- Assignment:
Return exactly the lines from the start of the records below through the line containing "[elements in it])", both ends included, and leave out the pictures.

[Opening Data records section]

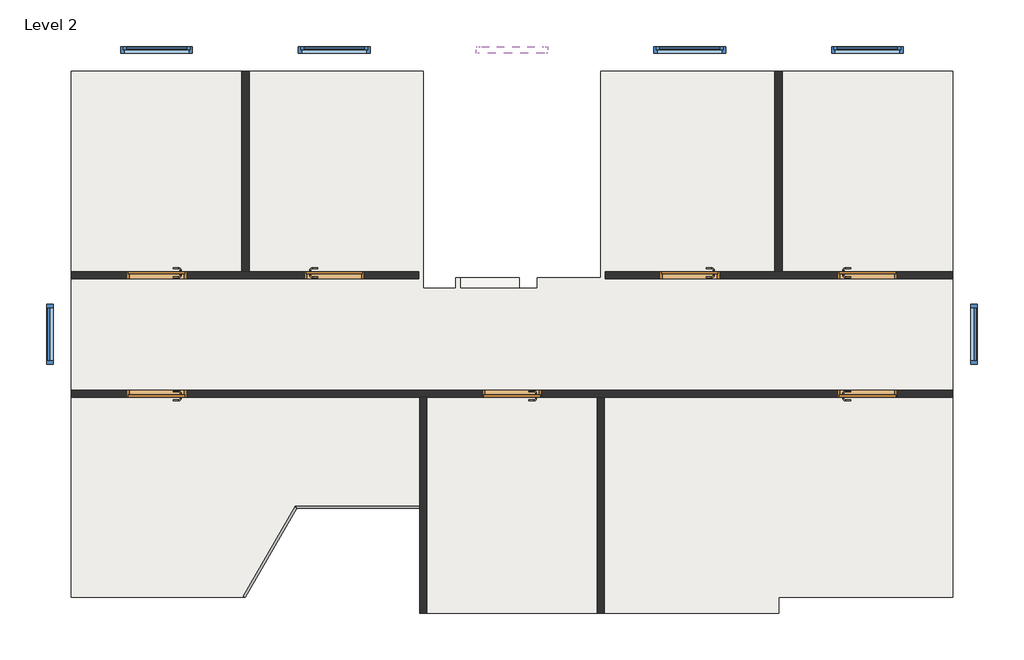
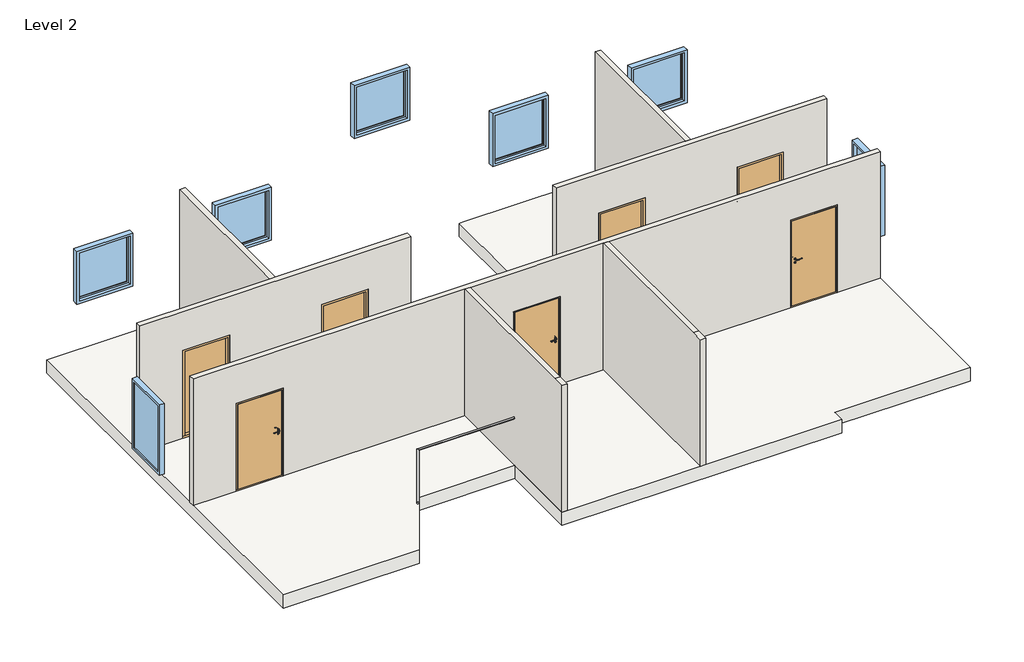
# One storey: 7 doors, 7 walls, 7 windows, 1 railing, 1 slab.
"""IFC4 building model written with IfcOpenShell, lengths in millimetres."""

import ifcopenshell
import ifcopenshell.guid

model = None  # the IFC model being written
_history = None  # IfcOwnerHistory: only IFC2X3 demands one
_inside = {}  # id of a spatial element -> (the spatial element, [elements in it])
_under = {}  # id of a project, library or spatial element -> (it, [spatial elements below it])
_declared = {}  # id of a project -> (the project, [libraries it declares])
_typed = {}  # id of a type object -> (the type object, [elements of that type])
_made_of = {}  # id of a material, layer set ... -> (it, [elements and type objects made of it])


def new_model(schema):
    """Start an empty IFC model of exactly this schema.

    Asked for "IFC4X3", IfcOpenShell would pick the latest addendum, in which some entities
    have other attributes; the version numbers below select the first issue.
    IFC2X3 requires an IfcOwnerHistory on every rooted entity: one is made here for all.
    """
    global model, _history
    if schema == "IFC4X3":
        model = ifcopenshell.file(schema_version=(4, 3, 0, 0))
    else:
        model = ifcopenshell.file(schema=schema)
    _inside.clear()
    _under.clear()
    _declared.clear()
    _typed.clear()
    _made_of.clear()
    _history = None
    if model.schema == "IFC2X3":
        org = make("IfcOrganization", Name="unknown")
        user = make(
            "IfcPersonAndOrganization",
            ThePerson=make("IfcPerson", FamilyName="unknown"),
            TheOrganization=org,
        )
        app = make(
            "IfcApplication",
            ApplicationDeveloper=org,
            Version="unknown",
            ApplicationFullName="unknown",
            ApplicationIdentifier="unknown",
        )
        _history = make(
            "IfcOwnerHistory",
            OwningUser=user,
            OwningApplication=app,
            ChangeAction="ADDED",
            CreationDate=0,
        )
    return model


def make(cls, **values):
    """One entity of the class cls with the attributes given. An attribute that is None is left unset."""
    return model.create_entity(
        cls, **{name: value for name, value in values.items() if value is not None}
    )


def rooted(cls, **values):
    """An entity with a GlobalId (a new one), such as an element, a storey or a relation."""
    return make(cls, GlobalId=ifcopenshell.guid.new(), OwnerHistory=_history, **values)


def si_unit(unit_type, name, prefix=None):
    """IfcSIUnit, for example si_unit("LENGTHUNIT", "METRE", prefix="MILLI")."""
    return make("IfcSIUnit", UnitType=unit_type, Prefix=prefix, Name=name)


def assignment(units):
    """IfcUnitAssignment: the units of a project."""
    return None if units is None else make("IfcUnitAssignment", Units=units)


def point(xyz):
    """IfcCartesianPoint."""
    return None if xyz is None else make("IfcCartesianPoint", Coordinates=xyz)


def direction(xyz):
    """IfcDirection."""
    return None if xyz is None else make("IfcDirection", DirectionRatios=xyz)


def frame(location, z_axis=None, x_axis=None):
    """IfcAxis2Placement3D, a coordinate frame: its origin and axes. An axis left out is left unset."""
    return make(
        "IfcAxis2Placement3D",
        Location=point(location),
        Axis=direction(z_axis),
        RefDirection=direction(x_axis),
    )


def frame_2d(location, x_axis=None):
    """IfcAxis2Placement2D, a coordinate frame in the plane: its origin and x axis."""
    return make(
        "IfcAxis2Placement2D", Location=point(location), RefDirection=direction(x_axis)
    )


def origin():
    """The frame at (0, 0, 0) with its axes left unset."""
    return frame((0.0, 0.0, 0.0))


def place(relative_to, where):
    """IfcLocalPlacement: puts the frame where relative to a parent placement (None: the world)."""
    return make(
        "IfcLocalPlacement", PlacementRelTo=relative_to, RelativePlacement=where
    )


def context(
    kind, dimensions, precision=None, world=None, true_north=None, identifier=None
):
    """IfcGeometricRepresentationContext, for example the 3D "Model" context."""
    return make(
        "IfcGeometricRepresentationContext",
        ContextIdentifier=identifier,
        ContextType=kind,
        CoordinateSpaceDimension=dimensions,
        Precision=precision,
        WorldCoordinateSystem=world,
        TrueNorth=true_north,
    )


def project(units=None, contexts=None):
    """IfcProject with its units and contexts."""
    return rooted(
        "IfcProject",
        Name="project",
        RepresentationContexts=contexts,
        UnitsInContext=assignment(units),
    )


def spatial(cls, under=None, at=None, **own):
    """A site, building, storey or space (cls), placed at a placement, below another one or the project."""
    s = rooted(cls, ObjectPlacement=at, **own)
    if under is not None:
        _under.setdefault(under.id(), (under, []))[1].append(s)
    return s


def polyline(points):
    """IfcPolyline through the points."""
    return make("IfcPolyline", Points=[point(p) for p in points])


def circle_curve(where, radius):
    """IfcCircle in the frame where."""
    return make("IfcCircle", Position=where, Radius=radius)


def ellipse_curve(where, semi_axis1, semi_axis2):
    """IfcEllipse in the frame where."""
    return make(
        "IfcEllipse", Position=where, SemiAxis1=semi_axis1, SemiAxis2=semi_axis2
    )


def trimmed(basis, trim1, trim2, sense, master):
    """IfcTrimmedCurve: the piece of a basis curve between two trims."""
    return make(
        "IfcTrimmedCurve",
        BasisCurve=basis,
        Trim1=trim1,
        Trim2=trim2,
        SenseAgreement=sense,
        MasterRepresentation=master,
    )


def segment(curve, same_sense, transition):
    """IfcCompositeCurveSegment."""
    return make(
        "IfcCompositeCurveSegment",
        Transition=transition,
        SameSense=same_sense,
        ParentCurve=curve,
    )


def composite_curve(segments, self_intersect=None):
    """IfcCompositeCurve: segments joined end to end."""
    return make("IfcCompositeCurve", Segments=segments, SelfIntersect=self_intersect)


def outline(outer, holes=None, kind="AREA"):
    """IfcArbitraryClosedProfileDef: a profile drawn as a closed curve; with holes, ...WithVoids."""
    if holes is None:
        return make("IfcArbitraryClosedProfileDef", ProfileType=kind, OuterCurve=outer)
    return make(
        "IfcArbitraryProfileDefWithVoids",
        ProfileType=kind,
        OuterCurve=outer,
        InnerCurves=holes,
    )


def extrude(swept, where, along, depth):
    """IfcExtrudedAreaSolid: the profile swept, set in the frame where, extruded along a direction by depth."""
    return make(
        "IfcExtrudedAreaSolid",
        SweptArea=swept,
        Position=where,
        ExtrudedDirection=direction(along),
        Depth=depth,
    )


def faces_of(points, faces, orient=None, outer=None):
    """IfcFace entities. A face is a list of loops; a loop is a list of indices into points, from 0.

    orient and outer hold one flag for each loop. By default every Orientation is true, the
    first loop of a face is its IfcFaceOuterBound and the others are IfcFaceBound.
    """
    made = []
    for i, loops in enumerate(faces):
        bounds = []
        for j, loop in enumerate(loops):
            is_outer = j == 0 if outer is None else outer[i][j]
            bounds.append(
                make(
                    "IfcFaceOuterBound" if is_outer else "IfcFaceBound",
                    Bound=make("IfcPolyLoop", Polygon=[points[k] for k in loop]),
                    Orientation=True if orient is None else orient[i][j],
                )
            )
        made.append(make("IfcFace", Bounds=bounds))
    return made


def faceted_brep(points, faces, orient=None, outer=None, voids=None):
    """IfcFacetedBrep: a solid bounded by flat faces; with voids (closed shells), ...WithVoids."""
    shared = [point(p) for p in points]
    hull = make("IfcClosedShell", CfsFaces=faces_of(shared, faces, orient, outer))
    if voids is None:
        return make("IfcFacetedBrep", Outer=hull)
    return make(
        "IfcFacetedBrepWithVoids",
        Outer=hull,
        Voids=[
            make(cls, CfsFaces=faces_of(shared, fs, o, b)) for cls, fs, o, b in voids
        ],
    )


def shape(context_of_items, identifier, shape_type, items):
    """IfcShapeRepresentation: the items that make up one representation, for example the "Body"."""
    return make(
        "IfcShapeRepresentation",
        ContextOfItems=context_of_items,
        RepresentationIdentifier=identifier,
        RepresentationType=shape_type,
        Items=items,
    )


def source(mapping_origin, context_of_items, identifier, shape_type, items):
    """IfcRepresentationMap: a shape defined once, which mapped items show again and again."""
    return make(
        "IfcRepresentationMap",
        MappingOrigin=mapping_origin,
        MappedRepresentation=shape(context_of_items, identifier, shape_type, items),
    )


def transform(
    local_origin,
    x_axis=None,
    y_axis=None,
    z_axis=None,
    scale=None,
    scale2=None,
    scale3=None,
    uniform=True,
):
    """IfcCartesianTransformationOperator3D, or its non-uniform kind. x_axis, y_axis, z_axis: its Axis1, 2, 3."""
    if uniform:
        return make(
            "IfcCartesianTransformationOperator3D",
            Axis1=direction(x_axis),
            Axis2=direction(y_axis),
            LocalOrigin=point(local_origin),
            Scale=scale,
            Axis3=direction(z_axis),
        )
    return make(
        "IfcCartesianTransformationOperator3DnonUniform",
        Axis1=direction(x_axis),
        Axis2=direction(y_axis),
        LocalOrigin=point(local_origin),
        Scale=scale,
        Axis3=direction(z_axis),
        Scale2=scale2,
        Scale3=scale3,
    )


def mapped(mapping_source, mapping_target):
    """IfcMappedItem: shows the shape of a source again, moved by a transform."""
    return make(
        "IfcMappedItem", MappingSource=mapping_source, MappingTarget=mapping_target
    )


def made_of(thing, what):
    """Note that an element or type object is made of a material, layer set ...; save() writes the relation."""
    if what is not None:
        _made_of.setdefault(what.id(), (what, []))[1].append(thing)
    return thing


def element(
    cls,
    number,
    at=None,
    inside=None,
    cuts=None,
    type_object=None,
    material=None,
    context=None,
    identifier="Body",
    shape_type=None,
    held_by="IfcProductDefinitionShape",
    body=None,
    shapes=None,
    **own,
):
    """One element of the class cls, such as IfcWall. Its Tag is "e" and its number.

    at: its placement. inside: the storey or other place that contains it. cuts: it is an
    opening in that element (IfcRelVoidsElement). A single representation is given by context,
    identifier, shape_type and body (its items); several are given by shapes. held_by: the class
    of the entity that holds the representations. save() writes the other relations.
    """
    e = rooted(cls, Tag="e%d" % number, ObjectPlacement=at, **own)
    if body is not None:
        shapes = [shape(context, identifier, shape_type, body)]
    if shapes is not None:
        e.Representation = make(held_by, Representations=shapes)
    if inside is not None:
        _inside.setdefault(inside.id(), (inside, []))[1].append(e)
    if cuts is not None:
        rooted(
            "IfcRelVoidsElement", RelatingBuildingElement=cuts, RelatedOpeningElement=e
        )
    if type_object is not None:
        _typed.setdefault(type_object.id(), (type_object, []))[1].append(e)
    return made_of(e, material)


def aggregate(whole, parts):
    """IfcRelAggregates: a whole, such as a stair, and the parts it consists of."""
    return rooted("IfcRelAggregates", RelatingObject=whole, RelatedObjects=parts)


def save(model, path):
    """Write the relations noted so far, then the file.

    IfcRelAggregates (storeys below a building ...), IfcRelContainedInSpatialStructure (elements
    in a storey), IfcRelDefinesByType, IfcRelAssociatesMaterial and IfcRelDeclares: one each for
    every whole, place, type object, material and project.
    """
    for whole, parts in _under.values():
        aggregate(whole, parts)
    for where, things in _inside.values():
        rooted(
            "IfcRelContainedInSpatialStructure",
            RelatedElements=things,
            RelatingStructure=where,
        )
    for kind, things in _typed.values():
        rooted("IfcRelDefinesByType", RelatedObjects=things, RelatingType=kind)
    for what, things in _made_of.values():
        rooted("IfcRelAssociatesMaterial", RelatedObjects=things, RelatingMaterial=what)
    for by, libraries in _declared.values():
        rooted("IfcRelDeclares", RelatingContext=by, RelatedDefinitions=libraries)
    model.write(path)


def plane_surface(at):
    """IfcPlane: the flat surface through the origin of the frame at, square to its z axis."""
    return make("IfcPlane", Position=at)


def cylinder_surface(at, radius):
    """IfcCylindricalSurface: all points at the distance radius from the z axis of the frame at."""
    return make("IfcCylindricalSurface", Position=at, Radius=radius)


def revolved_surface(curve, axis_point, axis_direction):
    """IfcSurfaceOfRevolution: the curve turned about the line through axis_point along axis_direction."""
    return make(
        "IfcSurfaceOfRevolution",
        SweptCurve=make("IfcArbitraryOpenProfileDef", ProfileType="CURVE", Curve=curve),
        AxisPosition=make("IfcAxis1Placement", Location=point(axis_point), Axis=direction(axis_direction)),
    )


def advanced_brep(points, edges, surfaces, faces):
    """IfcAdvancedBrep: a solid bounded by faces that lie on surfaces and meet in shared edges.

    An edge is (start, end): straight between two places in points (the first is 0);
    or (start, end, curve); or (start, end, curve, False) where it runs against its curve.
    A face is (place in surfaces, loops), or (place, loops, False) where it looks against
    its surface's normal. A loop lists edges by number (the first is 1), with a minus sign
    where the edge is run from its end to its start. The first loop is the outer one.
    """
    corners = [point(p) for p in points]
    vertices = [make("IfcVertexPoint", VertexGeometry=c) for c in corners]
    made = []
    for start, end, *more in edges:
        made.append(
            make(
                "IfcEdgeCurve",
                EdgeStart=vertices[start],
                EdgeEnd=vertices[end],
                EdgeGeometry=more[0] if more else make("IfcPolyline", Points=[corners[start], corners[end]]),
                SameSense=more[1] if len(more) > 1 else True,
            )
        )
    hull = []
    for where, loops, *sense in faces:
        bounds = []
        for j, loop in enumerate(loops):
            ring = [make("IfcOrientedEdge", EdgeElement=made[abs(k) - 1], Orientation=k > 0) for k in loop]
            bounds.append(
                make(
                    "IfcFaceOuterBound" if j == 0 else "IfcFaceBound",
                    Bound=make("IfcEdgeLoop", EdgeList=ring),
                    Orientation=True,
                )
            )
        hull.append(make("IfcAdvancedFace", Bounds=bounds, FaceSurface=surfaces[where], SameSense=sense[0] if sense else True))
    return make("IfcAdvancedBrep", Outer=make("IfcClosedShell", CfsFaces=hull))


def int_single_flush_10x20m_e84bf50b(model_context):
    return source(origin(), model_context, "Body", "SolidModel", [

[Closing Data records section]

- Written reply:
# One storey: 7 doors, 7 walls, 7 windows, 1 railing, 1 slab.
"""IFC4 building model written with IfcOpenShell, lengths in millimetres."""

import ifcopenshell
import ifcopenshell.guid

model = None  # the IFC model being written
_history = None  # IfcOwnerHistory: only IFC2X3 demands one
_inside = {}  # id of a spatial element -> (the spatial element, [elements in it])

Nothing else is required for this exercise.